ZPC on Thursday warned that low water levels in Lake Kariba would force a reduction in power output by almost 50 percent. The lake level at the end of July was 480.81 metres above sea level. This was 1.05 percent, or some five metres, below the lake level for the same period in 2014, which was at 485.91 metres above sea level, ZPC said.

It had been determined that continuing current levels of power generation would result in the lake falling below the minimum draw-down level of 475.5 metres before the onset of the next rainy season, hopefully in November 2015, with a possible shutdown of the station for two months. ZPC and Zambia's Zesco share power generation equally.
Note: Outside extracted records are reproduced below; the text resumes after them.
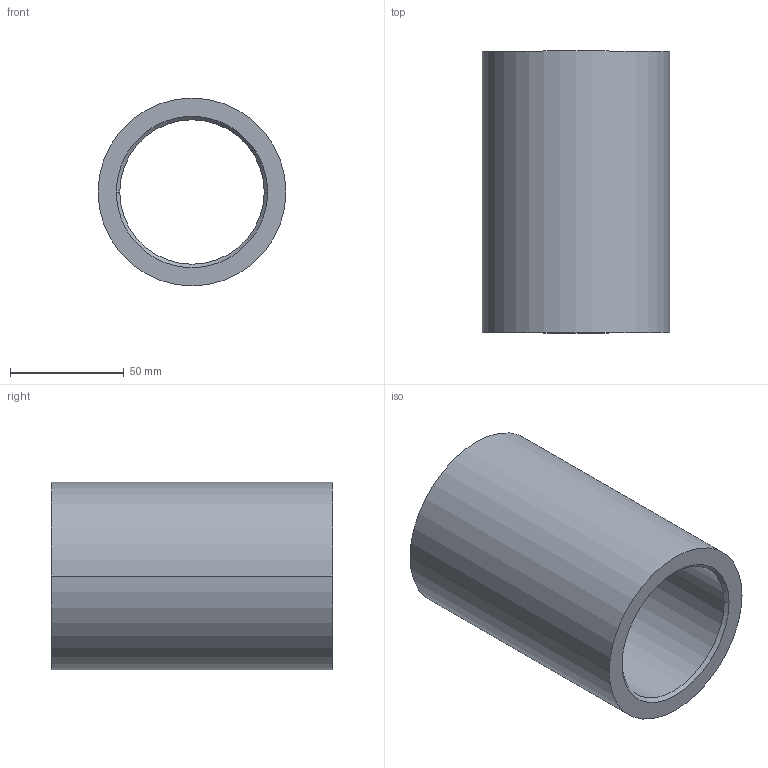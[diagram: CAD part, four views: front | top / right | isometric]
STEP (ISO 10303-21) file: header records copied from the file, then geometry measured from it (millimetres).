
FILE_DESCRIPTION (( 'STEP AP203' ), '1' );
FILE_NAME ('ST-700.step', '2014-02-28T21:05:00', ( '' ), ( '' ), 'SwSTEP 2.0', 'SolidWorks 2009', '' );
FILE_SCHEMA (( 'CONFIG_CONTROL_DESIGN' ));
Length unit declared in the file: inch
Products named in the file (1): ST-700
Bounding box: 82.56 x 123.83 x 82.56 mm (x, y, z)
Volume: 270283.7 mm3; surface area: 60886.7 mm2
Topology: 1 solids, 1 shells, 10 faces, 20 edges, 12 vertices
Faces by surface type: cylinder 4, cone 2, torus 2, plane 2
Entity records: 349 total; most frequent: DIRECTION 56, CARTESIAN_POINT 43, ORIENTED_EDGE 40, AXIS2_PLACEMENT_3D 25, EDGE_CURVE 20, CIRCLE 14, VERTEX_POINT 12, EDGE_LOOP 12
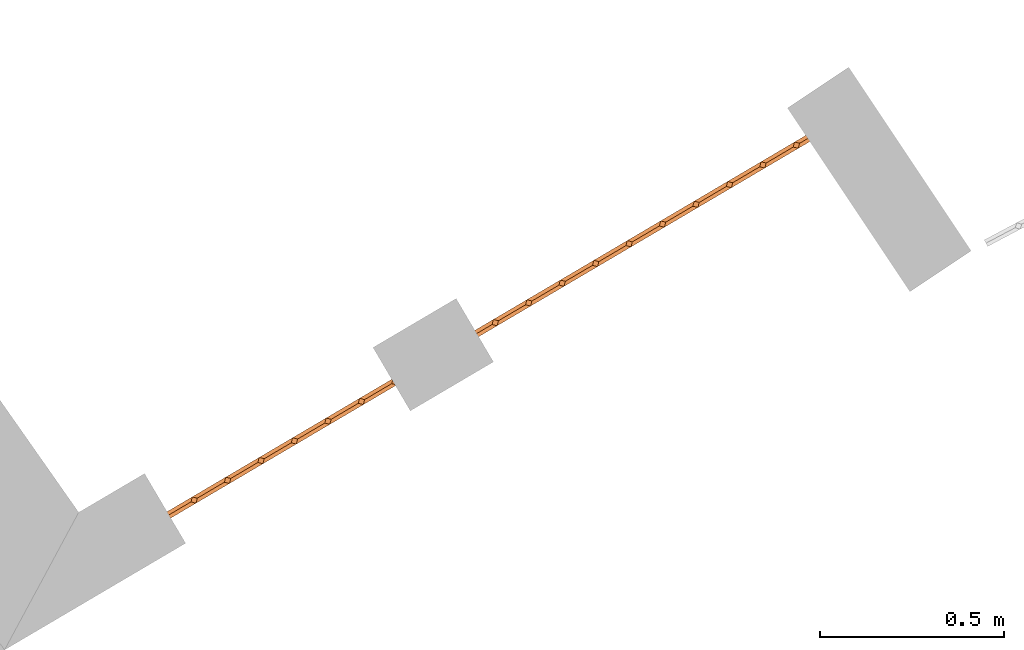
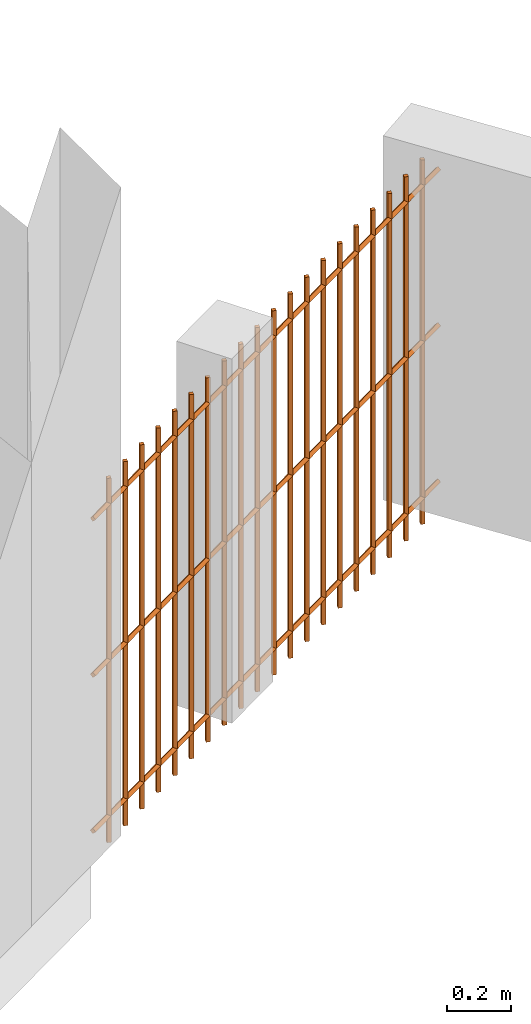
# One storey, part 187 of 195: 1 proxy.
"""IFC2X3 building model written with IfcOpenShell, lengths in metres."""

from ifc_helpers import new_model, entity, si_unit, converted_unit, derived_unit, money_unit, direction, frame, origin_with_axes, place, context, subcontext, project, spatial, faceted_brep, type_object, element, save


model = new_model("IFC2X3")

# Units and contexts
model_context = context("Model", 3, precision=1e-05, world=origin_with_axes(), true_north=direction((0.0, 1.0)))
body_context = subcontext(model_context, "Body", "Model", "MODEL_VIEW")
ifc_project = project(units=[si_unit("LENGTHUNIT", "METRE"), si_unit("AREAUNIT", "SQUARE_METRE"), si_unit("VOLUMEUNIT", "CUBIC_METRE"), converted_unit("PLANEANGLEUNIT", "DEGREE", entity("IfcPlaneAngleMeasure", 0.0174532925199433), si_unit("PLANEANGLEUNIT", "RADIAN"), dimensions=[0, 0, 0, 0, 0, 0, 0]), money_unit("CHF"), converted_unit("TIMEUNIT", "Year", entity("IfcTimeMeasure", 31557600.0), si_unit("TIMEUNIT", "SECOND"), dimensions=[0, 0, 1, 0, 0, 0, 0]), si_unit("MASSUNIT", "GRAM", prefix="KILO"), si_unit("THERMODYNAMICTEMPERATUREUNIT", "DEGREE_CELSIUS"), si_unit("LUMINOUSINTENSITYUNIT", "LUMEN"), si_unit("ENERGYUNIT", "JOULE", prefix="MEGA"), derived_unit("THERMALCONDUCTANCEUNIT", [(si_unit("POWERUNIT", "WATT"), 1), (si_unit("LENGTHUNIT", "METRE"), -1), (si_unit("THERMODYNAMICTEMPERATUREUNIT", "KELVIN"), -1)]), derived_unit("SPECIFICHEATCAPACITYUNIT", [(si_unit("ENERGYUNIT", "JOULE"), 1), (si_unit("MASSUNIT", "GRAM", prefix="KILO"), -1), (si_unit("THERMODYNAMICTEMPERATUREUNIT", "KELVIN"), -1)]), derived_unit("MASSDENSITYUNIT", [(si_unit("MASSUNIT", "GRAM", prefix="KILO"), 1), (si_unit("VOLUMEUNIT", "CUBIC_METRE"), -1)])], contexts=[model_context])

# Site, building, storey
site_placement = place(None, origin_with_axes())
site = spatial("IfcSite", under=ifc_project, at=site_placement, Name="Site", CompositionType="ELEMENT")
building_placement = place(site_placement, origin_with_axes())
building = spatial("IfcBuilding", under=site, at=building_placement, Name="Bâtiment", CompositionType="ELEMENT")
storey_placement = place(building_placement, origin_with_axes())
storey = spatial("IfcBuildingStorey", under=building, at=storey_placement, Name="rdc", CompositionType="ELEMENT", Elevation=0.0)

# Proxy
building_element_proxy_type = type_object("IfcBuildingElementProxyType", Name="Grille anti-effraction", PredefinedType="NOTDEFINED")
proxy_placement = place(storey_placement, frame((9564.13510281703, -1069.461758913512, 57.6), z_axis=(0.0, 0.0, 1.0), x_axis=(-0.8615849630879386, -0.5076133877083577, 0.0)))
element("IfcBuildingElementProxy", 1, at=proxy_placement, inside=storey, type_object=building_element_proxy_type, Name="Obj.-010", context=body_context, shape_type="Brep", body=[
    faceted_brep([(1.103383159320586, -0.01, 0.1), (1.103383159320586, 0.0, 0.09000000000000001), (1.103383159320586, 0.01, 0.1), (1.103383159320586, 0.0, 0.11), (-1.103383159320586, -0.01, 0.1000000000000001), (-1.103383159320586, 0.0, 0.09000000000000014), (-1.103383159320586, 0.01, 0.1000000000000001), (-1.103383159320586, 0.0, 0.1100000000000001)], [[[0, 1, 2, 3]], [[0, 4, 5, 1]], [[1, 5, 6, 2]], [[2, 6, 7, 3]], [[3, 7, 4, 0]], [[4, 7, 6, 5]]]),
    faceted_brep([(1.103383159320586, -0.01, 0.7), (1.103383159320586, 0.0, 0.69), (1.103383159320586, 0.01, 0.7), (1.103383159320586, 0.0, 0.71), (-1.103383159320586, -0.01, 0.7000000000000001), (-1.103383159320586, 0.0, 0.6900000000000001), (-1.103383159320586, 0.01, 0.7000000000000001), (-1.103383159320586, 0.0, 0.7100000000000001)], [[[0, 1, 2, 3]], [[0, 4, 5, 1]], [[1, 5, 6, 2]], [[2, 6, 7, 3]], [[3, 7, 4, 0]], [[4, 7, 6, 5]]]),
    faceted_brep([(1.103383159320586, -0.01, 1.3), (1.103383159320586, 0.0, 1.29), (1.103383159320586, 0.01, 1.3), (1.103383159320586, 0.0, 1.31), (-1.103383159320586, -0.01, 1.3), (-1.103383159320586, 0.0, 1.29), (-1.103383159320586, 0.01, 1.3), (-1.103383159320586, 0.0, 1.31)], [[[0, 1, 2, 3]], [[0, 4, 5, 1]], [[1, 5, 6, 2]], [[2, 6, 7, 3]], [[3, 7, 4, 0]], [[4, 7, 6, 5]]]),
    faceted_brep([(1.003383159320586, -0.01, 0.0), (0.9933831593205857, 0.0, 0.0), (1.003383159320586, 0.01, 0.0), (1.013383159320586, 0.0, 0.0), (1.003383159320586, -0.01, 1.4), (0.9933831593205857, 0.0, 1.4), (1.003383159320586, 0.01, 1.4), (1.013383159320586, 0.0, 1.4)], [[[0, 1, 2, 3]], [[0, 4, 5, 1]], [[1, 5, 6, 2]], [[2, 6, 7, 3]], [[3, 7, 4, 0]], [[4, 7, 6, 5]]]),
    faceted_brep([(0.897763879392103, -0.01, 0.0), (0.887763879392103, 0.0, 0.0), (0.897763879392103, 0.01, 0.0), (0.907763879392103, 0.0, 0.0), (0.897763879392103, -0.01, 1.4), (0.887763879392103, 0.0, 1.4), (0.897763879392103, 0.01, 1.4), (0.907763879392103, 0.0, 1.4)], [[[0, 1, 2, 3]], [[0, 4, 5, 1]], [[1, 5, 6, 2]], [[2, 6, 7, 3]], [[3, 7, 4, 0]], [[4, 7, 6, 5]]]),
    faceted_brep([(0.7921445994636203, -0.01, 0.0), (0.7821445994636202, 0.0, 0.0), (0.7921445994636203, 0.01, 0.0), (0.8021445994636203, 0.0, 0.0), (0.7921445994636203, -0.01, 1.4), (0.7821445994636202, 0.0, 1.4), (0.7921445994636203, 0.01, 1.4), (0.8021445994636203, 0.0, 1.4)], [[[0, 1, 2, 3]], [[0, 4, 5, 1]], [[1, 5, 6, 2]], [[2, 6, 7, 3]], [[3, 7, 4, 0]], [[4, 7, 6, 5]]]),
    faceted_brep([(0.6865253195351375, -0.01, 0.0), (0.6765253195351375, 0.0, 0.0), (0.6865253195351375, 0.01, 0.0), (0.6965253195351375, 0.0, 0.0), (0.6865253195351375, -0.01, 1.4), (0.6765253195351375, 0.0, 1.4), (0.6865253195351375, 0.01, 1.4), (0.6965253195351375, 0.0, 1.4)], [[[0, 1, 2, 3]], [[0, 4, 5, 1]], [[1, 5, 6, 2]], [[2, 6, 7, 3]], [[3, 7, 4, 0]], [[4, 7, 6, 5]]]),
    faceted_brep([(0.5809060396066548, -0.01, 0.0), (0.5709060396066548, 0.0, 0.0), (0.5809060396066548, 0.01, 0.0), (0.5909060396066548, 0.0, 0.0), (0.5809060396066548, -0.01, 1.4), (0.5709060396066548, 0.0, 1.4), (0.5809060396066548, 0.01, 1.4), (0.5909060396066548, 0.0, 1.4)], [[[0, 1, 2, 3]], [[0, 4, 5, 1]], [[1, 5, 6, 2]], [[2, 6, 7, 3]], [[3, 7, 4, 0]], [[4, 7, 6, 5]]]),
    faceted_brep([(0.4752867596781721, -0.01, 0.0), (0.4652867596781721, 0.0, 0.0), (0.4752867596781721, 0.01, 0.0), (0.4852867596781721, 0.0, 0.0), (0.4752867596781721, -0.01, 1.4), (0.4652867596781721, 0.0, 1.4), (0.4752867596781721, 0.01, 1.4), (0.4852867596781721, 0.0, 1.4)], [[[0, 1, 2, 3]], [[0, 4, 5, 1]], [[1, 5, 6, 2]], [[2, 6, 7, 3]], [[3, 7, 4, 0]], [[4, 7, 6, 5]]]),
    faceted_brep([(0.3696674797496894, -0.01, 0.0), (0.3596674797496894, 0.0, 0.0), (0.3696674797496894, 0.01, 0.0), (0.3796674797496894, 0.0, 0.0), (0.3696674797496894, -0.01, 1.4), (0.3596674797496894, 0.0, 1.4), (0.3696674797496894, 0.01, 1.4), (0.3796674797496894, 0.0, 1.4)], [[[0, 1, 2, 3]], [[0, 4, 5, 1]], [[1, 5, 6, 2]], [[2, 6, 7, 3]], [[3, 7, 4, 0]], [[4, 7, 6, 5]]]),
    faceted_brep([(0.2640481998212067, -0.01, 0.0), (0.2540481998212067, 0.0, 0.0), (0.2640481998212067, 0.01, 0.0), (0.2740481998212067, 0.0, 0.0), (0.2640481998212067, -0.01, 1.4), (0.2540481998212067, 0.0, 1.4), (0.2640481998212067, 0.01, 1.4), (0.2740481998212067, 0.0, 1.4)], [[[0, 1, 2, 3]], [[0, 4, 5, 1]], [[1, 5, 6, 2]], [[2, 6, 7, 3]], [[3, 7, 4, 0]], [[4, 7, 6, 5]]]),
    faceted_brep([(0.158428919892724, -0.01, 0.0), (0.148428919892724, 0.0, 0.0), (0.158428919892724, 0.01, 0.0), (0.168428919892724, 0.0, 0.0), (0.158428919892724, -0.01, 1.4), (0.148428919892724, 0.0, 1.4), (0.158428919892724, 0.01, 1.4), (0.168428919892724, 0.0, 1.4)], [[[0, 1, 2, 3]], [[0, 4, 5, 1]], [[1, 5, 6, 2]], [[2, 6, 7, 3]], [[3, 7, 4, 0]], [[4, 7, 6, 5]]]),
    faceted_brep([(0.0528096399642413, -0.01, 0.0), (0.0428096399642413, 0.0, 0.0), (0.0528096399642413, 0.01, 0.0), (0.0628096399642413, 0.0, 0.0), (0.0528096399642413, -0.01, 1.4), (0.0428096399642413, 0.0, 1.4), (0.0528096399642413, 0.01, 1.4), (0.0628096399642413, 0.0, 1.4)], [[[0, 1, 2, 3]], [[0, 4, 5, 1]], [[1, 5, 6, 2]], [[2, 6, 7, 3]], [[3, 7, 4, 0]], [[4, 7, 6, 5]]]),
    faceted_brep([(-0.0528096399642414, -0.01, 0.0), (-0.0628096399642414, 0.0, 0.0), (-0.0528096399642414, 0.01, 0.0), (-0.0428096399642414, 0.0, 0.0), (-0.0528096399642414, -0.01, 1.4), (-0.0628096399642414, 0.0, 1.4), (-0.0528096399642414, 0.01, 1.4), (-0.0428096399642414, 0.0, 1.4)], [[[0, 1, 2, 3]], [[0, 4, 5, 1]], [[1, 5, 6, 2]], [[2, 6, 7, 3]], [[3, 7, 4, 0]], [[4, 7, 6, 5]]]),
    faceted_brep([(-0.1584289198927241, -0.01, 0.0), (-0.1684289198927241, 0.0, 0.0), (-0.1584289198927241, 0.01, 0.0), (-0.1484289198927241, 0.0, 0.0), (-0.1584289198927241, -0.01, 1.4), (-0.1684289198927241, 0.0, 1.4), (-0.1584289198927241, 0.01, 1.4), (-0.1484289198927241, 0.0, 1.4)], [[[0, 1, 2, 3]], [[0, 4, 5, 1]], [[1, 5, 6, 2]], [[2, 6, 7, 3]], [[3, 7, 4, 0]], [[4, 7, 6, 5]]]),
    faceted_brep([(-0.2640481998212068, -0.01, 0.0), (-0.2740481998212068, 0.0, 0.0), (-0.2640481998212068, 0.01, 0.0), (-0.2540481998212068, 0.0, 0.0), (-0.2640481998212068, -0.01, 1.4), (-0.2740481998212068, 0.0, 1.4), (-0.2640481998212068, 0.01, 1.4), (-0.2540481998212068, 0.0, 1.4)], [[[0, 1, 2, 3]], [[0, 4, 5, 1]], [[1, 5, 6, 2]], [[2, 6, 7, 3]], [[3, 7, 4, 0]], [[4, 7, 6, 5]]]),
    faceted_brep([(-0.3696674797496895, -0.01, 0.0), (-0.3796674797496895, 0.0, 0.0), (-0.3696674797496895, 0.01, 0.0), (-0.3596674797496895, 0.0, 0.0), (-0.3696674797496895, -0.01, 1.4), (-0.3796674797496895, 0.0, 1.4), (-0.3696674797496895, 0.01, 1.4), (-0.3596674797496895, 0.0, 1.4)], [[[0, 1, 2, 3]], [[0, 4, 5, 1]], [[1, 5, 6, 2]], [[2, 6, 7, 3]], [[3, 7, 4, 0]], [[4, 7, 6, 5]]]),
    faceted_brep([(-0.4752867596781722, -0.01, 0.0), (-0.4852867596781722, 0.0, 0.0), (-0.4752867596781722, 0.01, 0.0), (-0.4652867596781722, 0.0, 0.0), (-0.4752867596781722, -0.01, 1.4), (-0.4852867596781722, 0.0, 1.4), (-0.4752867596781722, 0.01, 1.4), (-0.4652867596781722, 0.0, 1.4)], [[[0, 1, 2, 3]], [[0, 4, 5, 1]], [[1, 5, 6, 2]], [[2, 6, 7, 3]], [[3, 7, 4, 0]], [[4, 7, 6, 5]]]),
    faceted_brep([(-0.5809060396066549, -0.01, 0.0), (-0.5909060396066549, 0.0, 0.0), (-0.5809060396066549, 0.01, 0.0), (-0.5709060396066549, 0.0, 0.0), (-0.5809060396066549, -0.01, 1.4), (-0.5909060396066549, 0.0, 1.4), (-0.5809060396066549, 0.01, 1.4), (-0.5709060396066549, 0.0, 1.4)], [[[0, 1, 2, 3]], [[0, 4, 5, 1]], [[1, 5, 6, 2]], [[2, 6, 7, 3]], [[3, 7, 4, 0]], [[4, 7, 6, 5]]]),
    faceted_brep([(-0.6865253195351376, -0.01, 0.0), (-0.6965253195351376, 0.0, 0.0), (-0.6865253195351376, 0.01, 0.0), (-0.6765253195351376, 0.0, 0.0), (-0.6865253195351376, -0.01, 1.4), (-0.6965253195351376, 0.0, 1.4), (-0.6865253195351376, 0.01, 1.4), (-0.6765253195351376, 0.0, 1.4)], [[[0, 1, 2, 3]], [[0, 4, 5, 1]], [[1, 5, 6, 2]], [[2, 6, 7, 3]], [[3, 7, 4, 0]], [[4, 7, 6, 5]]]),
    faceted_brep([(-0.7921445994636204, -0.01, 0.0), (-0.8021445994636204, 0.0, 0.0), (-0.7921445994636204, 0.01, 0.0), (-0.7821445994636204, 0.0, 0.0), (-0.7921445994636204, -0.01, 1.4), (-0.8021445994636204, 0.0, 1.4), (-0.7921445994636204, 0.01, 1.4), (-0.7821445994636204, 0.0, 1.4)], [[[0, 1, 2, 3]], [[0, 4, 5, 1]], [[1, 5, 6, 2]], [[2, 6, 7, 3]], [[3, 7, 4, 0]], [[4, 7, 6, 5]]]),
    faceted_brep([(-0.8977638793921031, -0.01, 0.0), (-0.9077638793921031, 0.0, 0.0), (-0.8977638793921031, 0.01, 0.0), (-0.8877638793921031, 0.0, 0.0), (-0.8977638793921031, -0.01, 1.4), (-0.9077638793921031, 0.0, 1.4), (-0.8977638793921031, 0.01, 1.4), (-0.8877638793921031, 0.0, 1.4)], [[[0, 1, 2, 3]], [[0, 4, 5, 1]], [[1, 5, 6, 2]], [[2, 6, 7, 3]], [[3, 7, 4, 0]], [[4, 7, 6, 5]]]),
    faceted_brep([(-1.003383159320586, -0.01, 0.0), (-1.013383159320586, 0.0, 0.0), (-1.003383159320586, 0.01, 0.0), (-0.9933831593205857, 0.0, 0.0), (-1.003383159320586, -0.01, 1.4), (-1.013383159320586, 0.0, 1.4), (-1.003383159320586, 0.01, 1.4), (-0.9933831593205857, 0.0, 1.4)], [[[0, 1, 2, 3]], [[0, 4, 5, 1]], [[1, 5, 6, 2]], [[2, 6, 7, 3]], [[3, 7, 4, 0]], [[4, 7, 6, 5]]]),
])

save(model, "model.ifc")
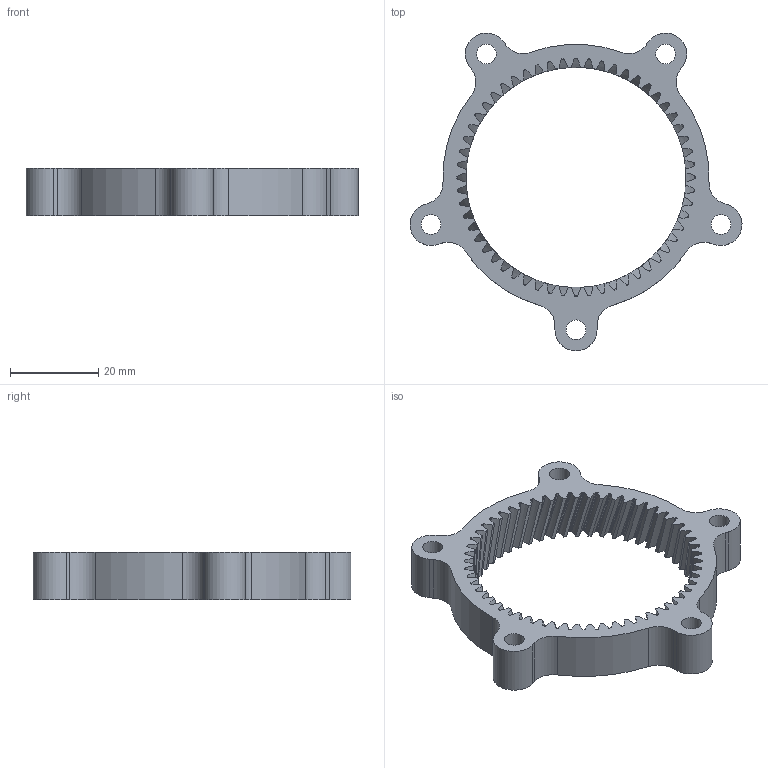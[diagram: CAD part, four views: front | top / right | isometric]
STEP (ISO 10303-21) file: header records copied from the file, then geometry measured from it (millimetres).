
FILE_DESCRIPTION(/* description */ ('STEP AP242 Edition 2','CAx-IF Rec.Pracs.---Representation and Presentation of Product Manufacturing Information (PMI)---4.0---2014-10-13','CAx-IF Rec.Pracs.---3D Tessellated Geometry---0.4---2014-09-14','2;1','CAx-IF Rec.Pracs.---User Defined Attributes---1.5---2016-08-15'),/* implementation_level */ '2;1');
FILE_NAME(/* name */ 'Main - Ring Gear',/* time_stamp */ '2026-07-24T17:05:37Z',/* author */ (''),/* organization */ (''),/* preprocessor_version */ 'ST-DEVELOPER v20',/* originating_system */ 'ONSHAPE BY PTC INC, 1.218',/* authorisation */ ' ');
FILE_SCHEMA (('AP242_MANAGED_MODEL_BASED_3D_ENGINEERING_MIM_LF { 1 0 10303 442 3 1 4 }'));
Length unit declared in the file: metre
Products named in the file (1): Ring Gear
Bounding box: 75.23 x 72.01 x 10.72 mm (x, y, z)
Volume: 11604.1 mm3; surface area: 9131.7 mm2
Topology: 1 solids, 1 shells, 373 faces, 1118 edges, 747 vertices
Faces by surface type: bspline 280, cylinder 81, plane 12
Full cylindrical faces by diameter (mm): 4.5 x5
Entity records: 21186 total; most frequent: CARTESIAN_POINT 13872, ORIENTED_EDGE 2216, EDGE_CURVE 1108, VERTEX_POINT 742, B_SPLINE_CURVE_WITH_KNOTS 728, DIRECTION 618, EDGE_LOOP 390, FACE_BOUND 390

Confederation of Zimbabwe Industries president Busisa Moyo told African News Agency on Friday the shutdown proposal was worrying as it would affect production.

“We are concerned because the proposal does not state when. We are moving towards the festive season where production and consumption is very high. “We are concerned by the timing if it happens before the end of the year,” Moyo said. “We definitely have to protect the few remaining jobs. If they shut down in the low production and consumption season between January and February it makes sense, but not November and December.” Business had been between 15 and 30 percent on volumes and companies were trying to recover from the depressed situation.

Economist John Robertson said the business sector had already been badly affected by previous events and the few survivors Zimbabwe still had would struggle even more to survive. “We are going to see whether the rationing process is going to favour the productive sector as compared to households and [the] commercial sector. “But all this acts in uncertainty and makes it absolutely certain that we will not get new investors until the problem of power is solved,” Robertson said.

The power situation would only improve in 2018 when a new power station being built near Binga came into operation. Robertson forecast another drought in the coming years, meaning Lake Kariba might again fail to rise to the levels needed to end power cuts anytime soon. It looked gloomy for Zimbabwe in the next two years, which would be punctuated by record-breaking imports, as agriculture would be the worst hit.

“For the next two years, it looks like we have a long and clearly difficult period [in] which I think the few remaining manufacturing companies may fail and I think it is going to be very serious indeed,” he said. In a mid-year fiscal policy review, Zimbabwean finance minister Patrick Chinamasa said the Kariba South Hydro Power Station extension remained on course for completion in 2018 and to date a total of US101.8 million had been spent on the project.

Rehabilitation of Kariba Dam, separate from plant extensions, fell under the auspices of the multinational Kariba Dam Rehabilitation Project, and US295 million had been spent through a combination of grants and loans to Zimbabwe and Zambia. However, electricity and water, Chinamasa said, would shrink by about 4.2 percent this year after an initial 2.5 percent sectoral growth.

The Zambezi River Authority has rerun the simulation to determine the remaining allocation and recommended level of generation of each utility in future to 305MW for Kariba North (Zambia) and 475MW for Kariba South (Zimbabwe). At peak consumption, Zimbabwe requires about 2200MW.